The general principle is the more secure the data, the more stringent the policies and access controls. You might for example allow USB access and screenshots on internet facing machines, but on secure networks you’d want controls in place.

Ehud Gavron (profile) says:

IC "security" is ... stupid... or incompetent?

Real hackers don’t route their traffic through “20 IP addresses” or even 200 or even 2000. They use an anonymizing system such as TOR.

A hacker as “shortsighted” so as to use a pool of 200 addresses from which to launch attacks would be laughed out of any room at DEFCON. How even worse that our vaunted intelligence services are stupider than that.

There’s some comparison in the article (twice) to Russian Hackers obfuscating their IP addresses. The point is missed that Russian hackers DID obfuscate their IP addresses. The US IC people were stupid. Or incompetent.


Anonymous Coward says:

Re: IC "security" is ... stupid... or incompetent?

See also "Who uses Tor?":

Law enforcement officers use Tor

Online surveillance: Tor allows officials to surf questionable web sites and services without leaving tell-tale tracks. If the system administrator of an illegal gambling site, for example, were to see multiple connections from government or law enforcement IP addresses in usage logs, investigations may be hampered.

Militaries use Tor

Field agents: It is not difficult for insurgents to monitor Internet traffic and discover all the hotels and other locations from which people are connecting to known military servers. Military field agents deployed away from home use Tor to mask the sites they are visiting, protecting military interests and operations, as well as protecting themselves from physical harm.

It’s important that "normal" people use it too. If everyone on Tor is a government agent, server/network operators who see Tor traffic might not care which agency it is.

Anonymous Coward says:

Re: IC "security" is ... stupid... or incompetent?

The point isn’t to be secure in the conventional sense. These are information requests sent to and from the open, public Internet. They’re insecure by nature.

The original AIRGAP is a system that acknowledges that any TLA-owned IP address will eventually be identified, and seeks to obscure, rather than secure, by routing all information through it.

A query goes out that interacts with a location in Russia. If that can be associated with a "contacting friends" address, then the activity was to contact a US spy in Russia. If it can be associated with an "observing our enemies" address then that information is similarly revealed.

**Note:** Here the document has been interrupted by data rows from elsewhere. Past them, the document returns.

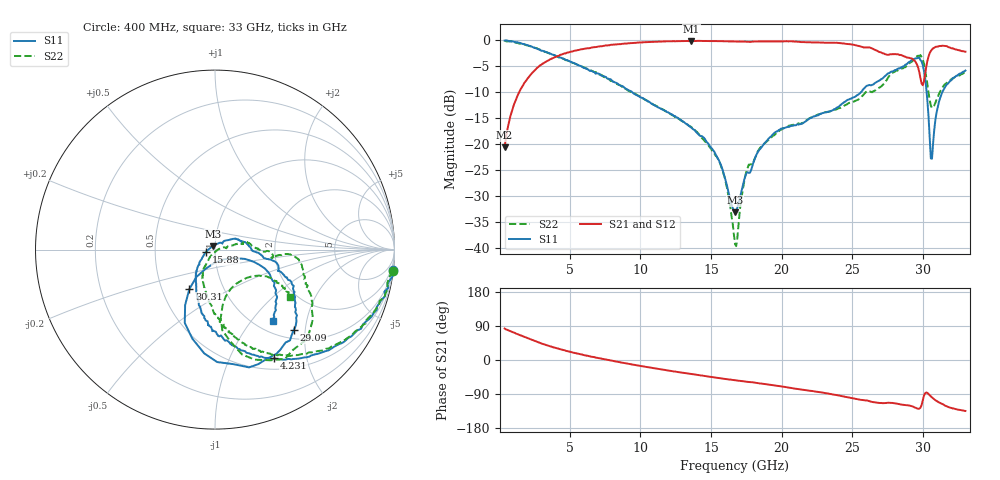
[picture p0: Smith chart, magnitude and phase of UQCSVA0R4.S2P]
!  Part Number  UQCSVA0R4  Mounting Orientation: Horizontal
!  Description: Ultra Low ESR Microwave capacitors
!  Application: Coupling, Bypass, Tuning, DC Block
!  Filters, Matching
# GHZ S DB R 50
! Freq  |S11|  S11 Ph  |S21|  S21 Ph  |S12|  S12 Ph  |S22|  S22 Ph
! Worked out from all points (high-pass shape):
!   401 points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, 400 MHz to 33 GHz, reference 50 ohm
!   highest |S21| = -0.08 dB at 13.6 GHz (marker M1); lowest = -20.6 dB at 400 MHz (marker M2)
!   |S21| within 3 dB of the highest: 4.084 GHz to 28.68 GHz (24.6 GHz wide, 150 % of centre); 30.39 GHz to end of sweep
!   lowest |S11| = -33.1 dB at 16.7 GHz (marker M3), VSWR 1.05, Z = 48.9 + j1.9 ohm
!   |S11| at or under -10 dB: 9.443 GHz to 25.6 GHz (16.15 GHz wide, 92.2 % of centre); 30.26 GHz to 31.36 GHz (1.103 GHz wide, 3.58 % of centre)
!   |S22| runs from -39.6 to 0.0 dB; largest |S21 - S12| = 0.014
!   S11 on the Smith chart (normalised r, x): 400 MHz: 0, -18; 4.231 GHz: 0.64, -1.49; 15.88 GHz: 0.90, -0.03; 29.09 GHz: 1.18, -1.74; 30.31 GHz: 0.69, -0.32; 33 GHz: 1.19, -1.29
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0.4  -0.02 -6.5  -20.61 83.0  -20.57 82.9  -0.01 -6.8
1.704  -0.69 -26.8  -8.65 62.5  -8.62 61.5  -0.69 -27.5
4.231  -3.22 -61.3  -2.97 29.5  -2.98 29.8  -3.28 -58.5
5.861  -5.05 -77.4  -1.71 14.5  -1.68 14.6  -5.01 -71.8
11.321  -12.96 -118.0  -0.22 -23.8  -0.20 -23.8  -12.91 -104.5
13.603  -16.77 -133.1  -0.08 -37.1  -0.11 -37.0  -16.67 -117.6
15.885  -25.51 -164.7  -0.15 -49.4  -0.15 -49.4  -25.67 -124.5
16.7  -33.06 119.2  -0.20 -53.4  -0.19 -53.4  -39.18 -70.2
16.863  -32.23 95.9  -0.20 -54.1  -0.21 -54.1  -38.16 -14.2
17.515  -25.54 45.1  -0.25 -57.5  -0.24 -57.4  -25.13 13.1
18.412  -21.08 36.5  -0.22 -61.6  -0.21 -61.6  -20.94 14.2
22.161  -14.85 10.0  -0.37 -81.8  -0.34 -81.8  -14.71 12.8
26.399  -8.55 -18.4  -1.53 -110.7  -1.54 -110.8  -9.97 -8.1
27.621  -6.28 -26.5  -2.72 -112.9  -2.74 -112.5  -6.80 -5.8
29.088  -4.06 -45.6  -3.41 -120.7  -3.37 -120.7  -4.28 -28.0
29.822  -3.79 -80.9  -7.30 -125.8  -7.14 -125.2  -2.82 -57.4
30.066  -5.81 -104.2  -7.90 -94.3  -7.77 -94.6  -4.39 -75.6
30.311  -11.64 -123.0  -3.95 -86.7  -3.94 -87.1  -8.37 -85.2
30.474  -18.58 -115.8  -2.43 -92.5  -2.44 -92.4  -11.40 -77.4
30.637  -22.77 -49.2  -1.73 -98.7  -1.75 -98.6  -12.99 -58.3
31.37  -9.93 -22.7  -1.01 -116.5  -1.02 -116.2  -9.08 -26.9
33  -5.80 -51.1  -2.16 -134.5  -2.18 -134.4  -6.16 -32.2

Funnel everything through a single contact point though and you lose all context for the interest. You can’t see whether the TLA was contacting a friend or foe.

OUTPARKS takes that data decontextualisation and spreads it out over a wider range of addresses that are then more difficult to discover.

You might see my message out through IP address A on Monday and infer one thing but on Tuesday I’m communicating through IP address B, which you don’t know about and therefore miss.

It’s a good, sensible system.

Anonymous Coward says:

Re: IC "security" is ... stupid... or incompetent?

This setup isn’t even for hacking. It’s for far more mundane things, like setting up a .ru email address, or connecting to the websites of state-owned agencies (Gazprom, for example). Law enforcement agencies often have these as well.

In the DarkMarket case, Master Splynter, the undercover FBI agent who ended up as an admin on a server for carders, almost got exposed when the IP address he used was traced back to a law enforcement agency. He managed to recover his credibility, but almost lost the entire case for that. He was not hacking, he was just undercover as a hacker.